Juan Pablo II revolucionó la manera de ver al Sumo Pontífice que teníamos los católicos y también que tenía el resto del mundo. El nuevo Papa, que se ponía un chándal y hacía footing por los venerables jardines del Vaticano, que bailaba con los niños, que no paraba de viajar y que se sentía más a gusto con los jóvenes que con los papeles de su despacho no era, ciertamente "un Papa a la antigua usanza". Juan Pablo II es el Papa que llegó del frío, que atravesó el Telón de Acero para llegar a Roma desde una Polonia dominada por la tiranía soviética que aniquiló a la bestia nazi para instalar en su lugar la bestia comunista. El Papa es hombre de fe inquebrantable, como inquebrantable es su voluntad. No nos es difícil imaginar las condiciones en las que se desarrolló su vida como seminarista en plena ocupación nazi, y cómo se desarrollaría su vida como sacerdote en plena ocupación soviética.

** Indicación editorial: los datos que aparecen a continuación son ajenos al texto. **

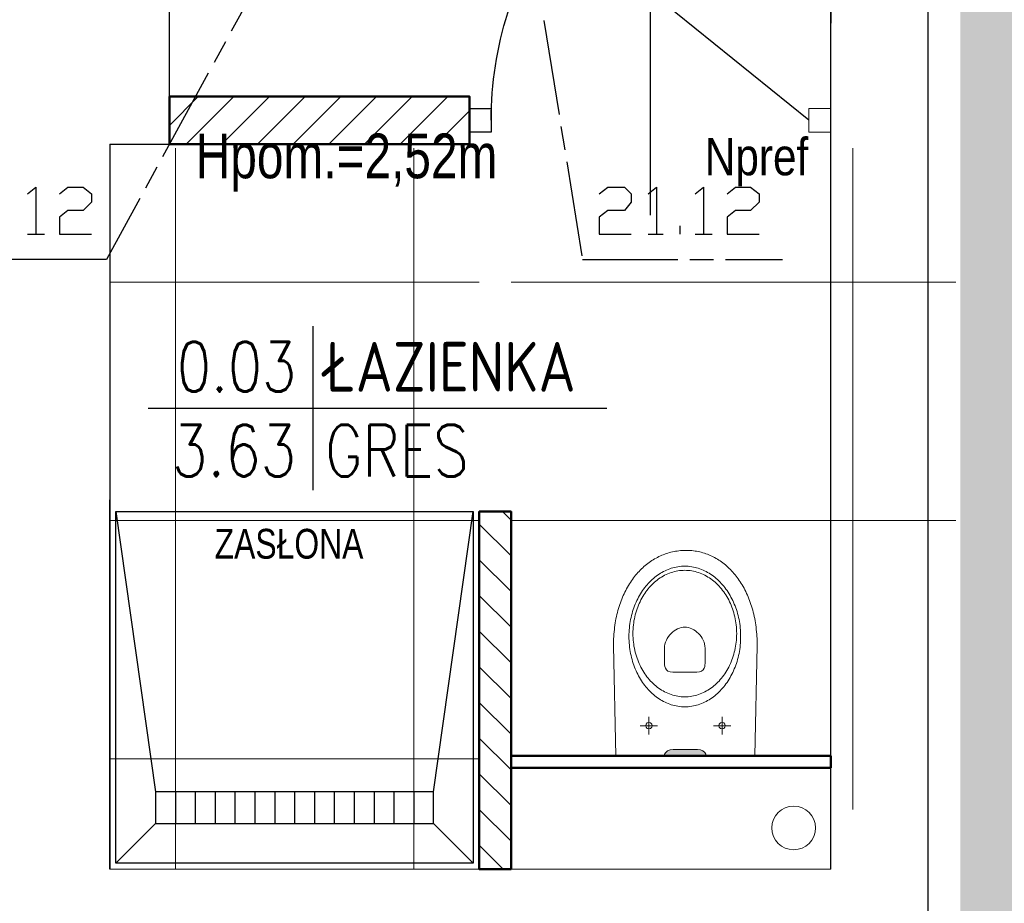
# Model space of a CAD drawing. Header units: millimetres. Extents: x 282377 to 1404227, y -783705 to 1038705.
# Tile 79 of 243: x 377296 to 377543, y 8808 to 9031. Entities that reach past the tile are written whole.
import ezdxf
from ezdxf.enums import TextEntityAlignment as Align

# ---------------------------------------------------------------- set-up
doc = ezdxf.new("R2010")
doc.units = ezdxf.units.MM
doc.linetypes.add('ACAD_ISO08W100', pattern=[36, 24, -3, 6, -3])
doc.layers.add('!!ELEKTRYKA', color=7, linetype='Continuous')
doc.layers.add('BA_KS_ist.', color=34, linetype='Continuous', lineweight=13)
doc.layers.add('WYPOSAŻENIE GARAŻU', color=253, linetype='Continuous', lineweight=5)
doc.styles.add('BIKTC', font='bikromsw.shx', dxfattribs={"width": 0.8})
doc.styles.add('BIKTS', font='bikromsw.shx', dxfattribs={"width": 0.85})
doc.styles.add('ROMANS', font='romans', dxfattribs={"width": 0.7})

# ---------------------------------------------------------------- blocks, each defined once
blk = doc.blocks.new('jamb')
blk.add_lwpolyline([(-0.5, -0.5), (-0.5, 0.5), (0.5, 0.5), (0.5, -0.5)], close=True)
blk = doc.blocks.new('A$C6b6b2cc1')
at = {"color": 5, "lineweight": 20}
for p, q in [((17.9, 91), (29.9, 91)), ((17.9, 0), (29.9, 0))]:
    blk.add_line(p, q, dxfattribs=at)
for p, q in [((20.9, 85.5), (20.9, 91)), ((20.9, 91), (26.9, 91)), ((26.9, 91), (26.9, 85.5)), ((26.9, 85.5), (20.9, 85.5))]:
    blk.add_line(p, q)
at = {"color": 0, "extrusion": (0, 0, -1)}
blk.add_line((23.9, 5.5), (75.47, 69.26), dxfattribs=at)
at = {"extrusion": (0, 0, -1)}
blk.add_line((56.49, 45.5), (0, 45.5), dxfattribs=at)
at = {"color": 0, "extrusion": (0, 0, -1)}
blk.add_arc((-23.9, -4.5), 90, 90, 124.9595, dxfattribs=at)
at = {"layer": 'WYPOSAŻENIE GARAŻU', "color": 240, "true_color": 0xed1f24, "xscale": 5.5, "yscale": 5.999999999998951, "zscale": 5.5, "rotation": 90}
blk.add_blockref('jamb', (23.9, 2.75), dxfattribs=at)
blk = doc.blocks.new('bikmet')
blk.add_line((0, 1.65), (0, -1.65))
at = {"style": 'ROMANS', "width": 0.8}
blk.add_attdef('NRPOM', text='', height=1, dxfattribs=at).set_placement((-0.333, 0.333), align=Align.RIGHT)
blk.add_attdef('NWAPOM', (0.25, 0.333), '', height=1, dxfattribs=at)
blk.add_attdef('RAREA', text='', height=1.042, dxfattribs=at).set_placement((-0.333, -0.333), align=Align.TOP_RIGHT)
blk.add_attdef('PODLOGA', text='', height=1.042, dxfattribs=at).set_placement((0.25, -0.333), align=Align.TOP_LEFT)
blk = doc.blocks.new('A$C9dc6be50')
at = {"lineweight": 18}
h = blk.add_hatch(color=9, dxfattribs=at)
h.dxf.hatch_style = 1
h.paths.add_polyline_path([(1.64, 21.13), (1.53, 21.9), (1.25, 22.52), (0.86, 22.98), (0.42, 23.27), (0, 23.37), (0, 12.77), (0.42, 12.87), (0.86, 13.16), (1.25, 13.62), (1.53, 14.24), (1.64, 15.01)])
at = {"color": 9, "lineweight": 13}
for p, q in [((27.71, 36.15), (0, 35.6)), ((28.32, 36.15), (27.71, 36.15)), ((28.92, 36.14), (28.32, 36.15)), ((29.52, 36.12), (28.92, 36.14)), ((30.11, 36.09), (29.52, 36.12)), ((30.69, 36.05), (30.11, 36.09)), ((31.27, 36), (30.69, 36.05)), ((31.84, 35.94), (31.27, 36)), ((32.4, 35.88), (31.84, 35.94)), ((32.96, 35.8), (32.4, 35.88)), ((33.51, 35.72), (32.96, 35.8)), ((34.05, 35.63), (33.51, 35.72)), ((34.59, 35.53), (34.05, 35.63)), ((35.12, 35.42), (34.59, 35.53)), ((35.65, 35.3), (35.12, 35.42)), ((36.16, 35.17), (35.65, 35.3)), ((36.67, 35.04), (36.16, 35.17)), ((37.17, 34.9), (36.67, 35.04)), ((37.67, 34.75), (37.17, 34.9)), ((38.16, 34.59), (37.67, 34.75)), ((38.64, 34.43), (38.16, 34.59)), ((39.11, 34.26), (38.64, 34.43)), ((39.58, 34.08), (39.11, 34.26)), ((40.04, 33.89), (39.58, 34.08)), ((40.49, 33.7), (40.04, 33.89)), ((40.93, 33.5), (40.49, 33.7)), ((41.37, 33.29), (40.93, 33.5)), ((41.79, 33.08), (41.37, 33.29)), ((42.21, 32.85), (41.79, 33.08)), ((42.63, 32.63), (42.21, 32.85)), ((43.03, 32.39), (42.63, 32.63)), ((43.42, 32.15), (43.03, 32.39)), ((20.13, 29.57), (20.56, 29.79)), ((20.56, 29.79), (21, 30.01)), ((21, 30.01), (21.45, 30.22)), ((21.45, 30.22), (21.9, 30.41)), ((21.9, 30.41), (22.36, 30.6)), ((22.36, 30.6), (22.83, 30.77)), ((22.83, 30.77), (23.31, 30.94)), ((23.31, 30.94), (23.79, 31.09)), ((23.68, 29.62), (24.15, 29.8)), ((23.79, 31.09), (24.28, 31.23)), ((24.15, 29.8), (24.62, 29.97)), ((24.28, 31.23), (24.78, 31.36)), ((24.62, 29.97), (25.1, 30.13)), ((24.78, 31.36), (25.29, 31.48)), ((25.1, 30.13), (25.58, 30.28)), ((25.29, 31.48), (25.8, 31.59)), ((25.58, 30.28), (26.08, 30.41)), ((25.8, 31.59), (26.31, 31.69)), ((26.08, 30.41), (26.58, 30.53)), ((26.31, 31.69), (26.83, 31.77)), ((26.58, 30.53), (27.09, 30.64)), ((26.83, 31.77), (27.36, 31.84)), ((27.09, 30.64), (27.6, 30.73)), ((27.36, 31.84), (27.89, 31.9)), ((27.6, 30.73), (28.12, 30.81)), ((27.89, 31.9), (28.43, 31.94)), ((28.12, 30.81), (28.65, 30.88)), ((28.43, 31.94), (28.97, 31.98)), ((28.65, 30.88), (29.18, 30.93)), ((28.97, 31.98), (29.52, 32)), ((29.18, 30.93), (29.72, 30.97)), ((29.52, 32), (30.07, 32)), ((29.72, 30.97), (30.26, 30.99)), ((30.07, 32), (30.62, 32)), ((30.26, 30.99), (30.8, 31)), ((30.62, 32), (31.16, 31.98)), ((30.8, 31), (30.8, 30.99)), ((30.8, 31), (31.35, 30.99)), ((31.16, 31.98), (31.7, 31.94)), ((31.35, 30.99), (31.89, 30.97)), ((31.7, 31.94), (32.24, 31.9)), ((31.89, 30.97), (32.43, 30.93)), ((32.24, 31.9), (32.77, 31.84)), ((32.43, 30.93), (32.96, 30.88)), ((32.77, 31.84), (33.3, 31.77)), ((32.96, 30.88), (33.48, 30.81)), ((33.3, 31.77), (33.82, 31.69)), ((33.48, 30.81), (34, 30.73)), ((33.82, 31.69), (34.33, 31.59)), ((34, 30.73), (34.52, 30.64)), ((34.33, 31.59), (34.84, 31.48)), ((34.52, 30.64), (35.03, 30.53)), ((34.84, 31.48), (35.35, 31.36)), ((35.03, 30.53), (35.53, 30.41)), ((35.35, 31.36), (35.85, 31.23)), ((35.53, 30.41), (36.02, 30.28)), ((35.85, 31.23), (36.34, 31.09)), ((36.02, 30.28), (36.51, 30.13)), ((36.34, 31.09), (36.82, 30.94)), ((36.51, 30.13), (36.99, 29.97)), ((36.82, 30.94), (37.3, 30.77)), ((36.99, 29.97), (37.46, 29.8)), ((37.3, 30.77), (37.77, 30.6)), ((37.46, 29.8), (37.92, 29.62)), ((37.77, 30.6), (38.23, 30.41)), ((38.23, 30.41), (38.69, 30.22)), ((38.69, 30.22), (39.13, 30.01)), ((39.13, 30.01), (39.57, 29.79)), ((39.57, 29.79), (40, 29.57)), ((43.81, 31.9), (43.42, 32.15)), ((44.19, 31.65), (43.81, 31.9)), ((44.56, 31.39), (44.19, 31.65)), ((44.92, 31.13), (44.56, 31.39)), ((45.28, 30.86), (44.92, 31.13)), ((45.62, 30.58), (45.28, 30.86)), ((45.96, 30.3), (45.62, 30.58)), ((46.29, 30.01), (45.96, 30.3)), ((46.61, 29.71), (46.29, 30.01)), ((9.87, 27.32), (5.37, 27.32)), ((6.91, 27.73), (6.8, 27.32)), ((6.8, 27.32), (6.91, 26.91)), ((7.21, 28.03), (6.91, 27.73)), ((7.62, 28.14), (7.21, 28.03)), ((7.62, 29.5), (7.62, 25.14)), ((8.03, 28.03), (7.62, 28.14)), ((8.32, 27.73), (8.03, 28.03)), ((8.44, 27.32), (8.32, 27.73)), ((8.32, 26.91), (8.44, 27.32)), ((16.69, 27.13), (17.03, 27.44)), ((17.03, 27.44), (17.38, 27.73)), ((17.38, 27.73), (17.75, 28.02)), ((17.75, 28.02), (18.12, 28.3)), ((18.12, 28.3), (18.5, 28.57)), ((18.5, 28.57), (18.9, 28.83)), ((18.9, 28.83), (19.3, 29.09)), ((19.3, 29.09), (19.71, 29.33)), ((19.56, 27.17), (19.92, 27.46)), ((19.71, 29.33), (20.13, 29.57)), ((19.92, 27.46), (20.3, 27.74)), ((20.3, 27.74), (20.69, 28.01)), ((20.69, 28.01), (21.09, 28.27)), ((21.09, 28.27), (21.5, 28.52)), ((21.5, 28.52), (21.92, 28.76)), ((21.92, 28.76), (22.34, 28.99)), ((22.34, 28.99), (22.78, 29.21)), ((22.78, 29.21), (23.23, 29.42)), ((23.23, 29.42), (23.68, 29.62)), ((37.92, 29.62), (38.38, 29.42)), ((38.38, 29.42), (38.83, 29.21)), ((38.83, 29.21), (39.26, 28.99)), ((39.26, 28.99), (39.69, 28.76)), ((39.69, 28.76), (40.11, 28.52)), ((40, 29.57), (40.42, 29.33)), ((40.11, 28.52), (40.52, 28.27)), ((40.42, 29.33), (40.83, 29.09)), ((40.52, 28.27), (40.92, 28.01)), ((40.83, 29.09), (41.24, 28.83)), ((40.92, 28.01), (41.31, 27.74)), ((41.24, 28.83), (41.63, 28.57)), ((41.31, 27.74), (41.68, 27.46)), ((41.63, 28.57), (42.01, 28.3)), ((41.68, 27.46), (42.05, 27.17)), ((42.01, 28.3), (42.38, 28.02)), ((42.38, 28.02), (42.75, 27.73)), ((42.75, 27.73), (43.1, 27.44)), ((43.1, 27.44), (43.44, 27.13)), ((46.92, 29.41), (46.61, 29.71)), ((47.22, 29.11), (46.92, 29.41)), ((47.51, 28.8), (47.22, 29.11)), ((47.79, 28.49), (47.51, 28.8)), ((48.07, 28.17), (47.79, 28.49)), ((48.33, 27.84), (48.07, 28.17)), ((48.59, 27.51), (48.33, 27.84)), ((48.83, 27.18), (48.59, 27.51)), ((6.91, 26.91), (7.21, 26.62)), ((7.21, 26.62), (7.62, 26.5)), ((7.62, 26.5), (8.03, 26.62)), ((8.03, 26.62), (8.32, 26.91)), ((14.37, 24.43), (14.62, 24.79)), ((14.62, 24.79), (14.88, 25.15)), ((14.88, 25.15), (15.15, 25.5)), ((15.15, 25.5), (15.44, 25.84)), ((15.44, 25.84), (15.73, 26.17)), ((15.73, 26.17), (16.04, 26.5)), ((16.04, 26.5), (16.36, 26.82)), ((16.36, 26.82), (16.69, 27.13)), ((17.07, 24.52), (17.33, 24.88)), ((17.33, 24.88), (17.61, 25.23)), ((17.61, 25.23), (17.9, 25.58)), ((17.9, 25.58), (18.21, 25.91)), ((18.21, 25.91), (18.53, 26.24)), ((18.53, 26.24), (18.86, 26.56)), ((18.86, 26.56), (19.2, 26.87)), ((19.2, 26.87), (19.56, 27.17)), ((42.05, 27.17), (42.4, 26.87)), ((42.4, 26.87), (42.75, 26.56)), ((42.75, 26.56), (43.08, 26.24)), ((43.08, 26.24), (43.4, 25.91)), ((43.4, 25.91), (43.7, 25.58)), ((43.44, 27.13), (43.77, 26.82)), ((43.7, 25.58), (43.99, 25.23)), ((43.77, 26.82), (44.09, 26.5)), ((43.99, 25.23), (44.27, 24.88)), ((44.09, 26.5), (44.4, 26.17)), ((44.27, 24.88), (44.54, 24.52)), ((44.4, 26.17), (44.7, 25.84)), ((44.7, 25.84), (44.98, 25.5)), ((44.98, 25.5), (45.25, 25.15)), ((45.25, 25.15), (45.51, 24.79)), ((45.51, 24.79), (45.76, 24.43)), ((49.07, 26.84), (48.83, 27.18)), ((49.3, 26.5), (49.07, 26.84)), ((49.51, 26.15), (49.3, 26.5)), ((49.72, 25.8), (49.51, 26.15)), ((49.92, 25.45), (49.72, 25.8)), ((50.11, 25.09), (49.92, 25.45)), ((50.29, 24.73), (50.11, 25.09)), ((0.42, 23.27), (0, 23.37)), ((0.86, 22.98), (0.42, 23.27)), ((1.25, 22.52), (0.86, 22.98)), ((1.53, 21.9), (1.25, 22.52)), ((13.18, 22.14), (13.34, 22.54)), ((13.34, 22.54), (13.52, 22.93)), ((13.52, 22.93), (13.71, 23.31)), ((13.71, 23.31), (13.92, 23.69)), ((13.92, 23.69), (14.14, 24.06)), ((14.14, 24.06), (14.37, 24.43)), ((15.77, 22.22), (15.95, 22.62)), ((15.95, 22.62), (16.14, 23.02)), ((16.14, 23.02), (16.35, 23.4)), ((16.35, 23.4), (16.57, 23.78)), ((16.57, 23.78), (16.81, 24.16)), ((16.81, 24.16), (17.07, 24.52)), ((21.38, 22.17), (21.71, 22.55)), ((21.71, 22.55), (22.11, 22.8)), ((22.11, 22.8), (22.53, 22.95)), ((22.53, 22.95), (22.94, 23.02)), ((22.94, 23.02), (23.29, 23.04)), ((23.29, 23.04), (27.14, 23.05)), ((27.14, 23.05), (27.67, 23.02)), ((27.67, 23.02), (28.18, 22.93)), ((28.18, 22.93), (28.68, 22.78)), ((28.68, 22.78), (29.16, 22.58)), ((29.16, 22.58), (29.62, 22.34)), ((29.62, 22.34), (30.05, 22.06)), ((44.54, 24.52), (44.79, 24.16)), ((44.79, 24.16), (45.03, 23.78)), ((45.03, 23.78), (45.26, 23.4)), ((45.26, 23.4), (45.47, 23.02)), ((45.47, 23.02), (45.66, 22.62)), ((45.66, 22.62), (45.84, 22.22)), ((45.76, 24.43), (45.99, 24.06)), ((45.99, 24.06), (46.21, 23.69)), ((46.21, 23.69), (46.42, 23.31)), ((46.42, 23.31), (46.61, 22.93)), ((46.61, 22.93), (46.79, 22.54)), ((46.79, 22.54), (46.95, 22.14)), ((50.46, 24.36), (50.29, 24.73)), ((50.62, 23.99), (50.46, 24.36)), ((50.76, 23.62), (50.62, 23.99)), ((50.9, 23.24), (50.76, 23.62)), ((51.03, 22.86), (50.9, 23.24)), ((51.15, 22.47), (51.03, 22.86)), ((51.26, 22.09), (51.15, 22.47)), ((1.64, 21.13), (1.53, 21.9)), ((1.64, 15.01), (1.64, 21.13)), ((12.5, 19.67), (12.58, 20.09)), ((12.58, 20.09), (12.67, 20.51)), ((12.67, 20.51), (12.77, 20.92)), ((12.77, 20.92), (12.89, 21.33)), ((12.89, 21.33), (13.03, 21.74)), ((13.03, 21.74), (13.18, 22.14)), ((15.03, 19.71), (15.11, 20.14)), ((15.11, 20.14), (15.21, 20.57)), ((15.21, 20.57), (15.33, 20.99)), ((15.33, 20.99), (15.46, 21.41)), ((15.46, 21.41), (15.6, 21.82)), ((15.6, 21.82), (15.77, 22.22)), ((21.07, 20.93), (21.16, 21.64)), ((21.07, 18.17), (21.07, 20.93)), ((21.16, 21.64), (21.38, 22.17)), ((30.05, 22.06), (30.46, 21.74)), ((30.46, 21.74), (30.84, 21.39)), ((30.84, 21.39), (31.18, 21.01)), ((31.18, 21.01), (31.49, 20.6)), ((31.49, 20.6), (31.76, 20.18)), ((31.76, 20.18), (31.99, 19.74)), ((45.84, 22.22), (46, 21.82)), ((46, 21.82), (46.15, 21.41)), ((46.15, 21.41), (46.28, 20.99)), ((46.28, 20.99), (46.39, 20.57)), ((46.39, 20.57), (46.49, 20.14)), ((46.49, 20.14), (46.57, 19.71)), ((46.95, 22.14), (47.1, 21.74)), ((47.1, 21.74), (47.24, 21.33)), ((47.24, 21.33), (47.36, 20.92)), ((47.36, 20.92), (47.46, 20.51)), ((47.46, 20.51), (47.55, 20.09)), ((47.55, 20.09), (47.63, 19.67)), ((51.35, 21.7), (51.26, 22.09)), ((51.44, 21.31), (51.35, 21.7)), ((51.52, 20.91), (51.44, 21.31)), ((51.58, 20.51), (51.52, 20.91)), ((51.64, 20.11), (51.58, 20.51)), ((51.68, 19.71), (51.64, 20.11)), ((12.37, 17.94), (12.38, 18.38)), ((12.38, 17.5), (12.37, 17.94)), ((12.38, 18.38), (12.4, 18.81)), ((12.4, 17.07), (12.38, 17.5)), ((12.4, 18.81), (12.45, 19.24)), ((12.45, 19.24), (12.5, 19.67)), ((14.89, 17.94), (14.9, 18.39)), ((14.9, 17.49), (14.89, 17.94)), ((14.89, 17.94), (14.89, 17.94)), ((14.9, 18.39), (14.92, 18.83)), ((14.92, 17.05), (14.9, 17.49)), ((14.92, 18.83), (14.97, 19.27)), ((14.97, 19.27), (15.03, 19.71)), ((21.07, 14.95), (21.07, 18.17)), ((31.99, 19.74), (32.17, 19.3)), ((32.17, 19.3), (32.3, 18.85)), ((32.3, 18.85), (32.39, 18.39)), ((32.39, 17.49), (32.3, 17.04)), ((32.39, 18.39), (32.41, 17.94)), ((32.41, 17.94), (32.39, 17.49)), ((46.57, 19.71), (46.64, 19.27)), ((46.64, 19.27), (46.68, 18.83)), ((46.68, 18.83), (46.71, 18.39)), ((46.71, 17.49), (46.68, 17.05)), ((46.71, 18.39), (46.72, 17.94)), ((46.72, 17.94), (46.71, 17.49)), ((46.72, 17.94), (46.72, 17.94)), ((47.63, 19.67), (47.68, 19.24)), ((47.68, 19.24), (47.73, 18.81)), ((47.73, 18.81), (47.75, 18.38)), ((47.75, 17.5), (47.73, 17.07)), ((47.75, 18.38), (47.76, 17.94)), ((47.76, 17.94), (47.75, 17.5)), ((47.76, 17.94), (47.76, 17.94)), ((51.71, 19.3), (51.68, 19.71)), ((51.73, 18.9), (51.71, 19.3)), ((51.71, 17.25), (51.73, 17.66)), ((51.75, 18.49), (51.73, 18.9)), ((51.73, 17.66), (51.75, 18.07)), ((51.75, 18.07), (51.75, 18.49)), ((1.64, 15.01), (1.53, 14.24)), ((12.45, 16.64), (12.4, 17.07)), ((12.5, 16.21), (12.45, 16.64)), ((12.58, 15.79), (12.5, 16.21)), ((12.67, 15.37), (12.58, 15.79)), ((12.77, 14.96), (12.67, 15.37)), ((12.89, 14.55), (12.77, 14.96)), ((14.97, 16.61), (14.92, 17.05)), ((15.03, 16.17), (14.97, 16.61)), ((15.11, 15.74), (15.03, 16.17)), ((15.21, 15.31), (15.11, 15.74)), ((15.33, 14.89), (15.21, 15.31)), ((15.46, 14.48), (15.33, 14.89)), ((21.16, 14.24), (21.07, 14.95)), ((21.07, 14.95), (21.07, 14.94)), ((31.18, 14.88), (30.83, 14.5)), ((31.49, 15.28), (31.18, 14.88)), ((31.76, 15.7), (31.49, 15.28)), ((31.99, 16.14), (31.76, 15.7)), ((32.17, 16.59), (31.99, 16.14)), ((32.3, 17.04), (32.17, 16.59)), ((46.28, 14.89), (46.15, 14.48)), ((46.39, 15.31), (46.28, 14.89)), ((46.49, 15.74), (46.39, 15.31)), ((46.57, 16.17), (46.49, 15.74)), ((46.64, 16.61), (46.57, 16.17)), ((46.68, 17.05), (46.64, 16.61)), ((47.36, 14.96), (47.24, 14.55)), ((47.46, 15.37), (47.36, 14.96)), ((47.55, 15.79), (47.46, 15.37)), ((47.63, 16.21), (47.55, 15.79)), ((47.68, 16.64), (47.63, 16.21)), ((47.73, 17.07), (47.68, 16.64)), ((51.36, 14.84), (51.45, 15.24)), ((51.45, 15.24), (51.52, 15.64)), ((51.52, 15.64), (51.58, 16.04)), ((51.58, 16.04), (51.64, 16.44)), ((51.64, 16.44), (51.68, 16.85)), ((51.68, 16.85), (51.71, 17.25)), ((0.42, 12.87), (0, 12.77)), ((0.86, 13.16), (0.42, 12.87)), ((1.25, 13.62), (0.86, 13.16)), ((1.53, 14.24), (1.25, 13.62)), ((13.03, 14.14), (12.89, 14.55)), ((13.18, 13.74), (13.03, 14.14)), ((13.34, 13.35), (13.18, 13.74)), ((13.52, 12.96), (13.34, 13.35)), ((13.71, 12.57), (13.52, 12.96)), ((13.92, 12.19), (13.71, 12.57)), ((15.6, 14.06), (15.46, 14.48)), ((15.77, 13.66), (15.6, 14.06)), ((15.95, 13.26), (15.77, 13.66)), ((16.14, 12.87), (15.95, 13.26)), ((16.35, 12.48), (16.14, 12.87)), ((16.57, 12.1), (16.35, 12.48)), ((21.38, 13.7), (21.16, 14.24)), ((21.71, 13.32), (21.38, 13.7)), ((22.1, 13.07), (21.71, 13.32)), ((22.52, 12.92), (22.1, 13.07)), ((22.92, 12.85), (22.52, 12.92)), ((23.27, 12.83), (22.92, 12.85)), ((27.12, 12.83), (23.27, 12.83)), ((27.64, 12.86), (27.12, 12.83)), ((28.16, 12.95), (27.64, 12.86)), ((28.66, 13.1), (28.16, 12.95)), ((29.14, 13.3), (28.66, 13.1)), ((29.6, 13.54), (29.14, 13.3)), ((30.04, 13.82), (29.6, 13.54)), ((30.45, 14.14), (30.04, 13.82)), ((30.83, 14.5), (30.45, 14.14)), ((45.26, 12.48), (45.03, 12.1)), ((45.47, 12.87), (45.26, 12.48)), ((45.66, 13.26), (45.47, 12.87)), ((45.84, 13.66), (45.66, 13.26)), ((46, 14.06), (45.84, 13.66)), ((46.15, 14.48), (46, 14.06)), ((46.42, 12.57), (46.21, 12.19)), ((46.61, 12.96), (46.42, 12.57)), ((46.79, 13.35), (46.61, 12.96)), ((46.95, 13.74), (46.79, 13.35)), ((47.1, 14.14), (46.95, 13.74)), ((47.24, 14.55), (47.1, 14.14)), ((50.5, 12.16), (50.65, 12.53)), ((50.65, 12.53), (50.8, 12.91)), ((50.8, 12.91), (50.93, 13.29)), ((50.93, 13.29), (51.05, 13.67)), ((51.05, 13.67), (51.17, 14.06)), ((51.17, 14.06), (51.27, 14.45)), ((51.27, 14.45), (51.36, 14.84)), ((7.62, 11.09), (7.62, 6.73)), ((14.14, 11.82), (13.92, 12.19)), ((14.37, 11.45), (14.14, 11.82)), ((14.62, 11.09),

Juan Pablo II es un Papa militante, un Papa al que no puede reprochársele que no haya dado la cara por las víctimas de la tiranía, hasta el punto de ser tiroteado por un asesino a sueldo pagado por los servicios secretos búlgaros en plena Plaza de San Pedro de Roma. Como todo hombre, nuestro Papa tiene sus defectos, pero el de la cobardía no está entre ellos.

Teólogo conservador, es a la vez un político liberal que no ha dudado en sentarse con los jefes de otras religiones a orar por la Paz Universal, en ir a la Sinagoga de Roma, en visitar países comunistas como Nicaragua o Cuba o en acudir a una Tierra Santa ¡siempre ensangrentada! para dar testimonio. Y yo creo que es por esa valentía de espíritu que le infunde su inquebrantable fe en Santa María por la que Juan Pablo II pasará a la Historia.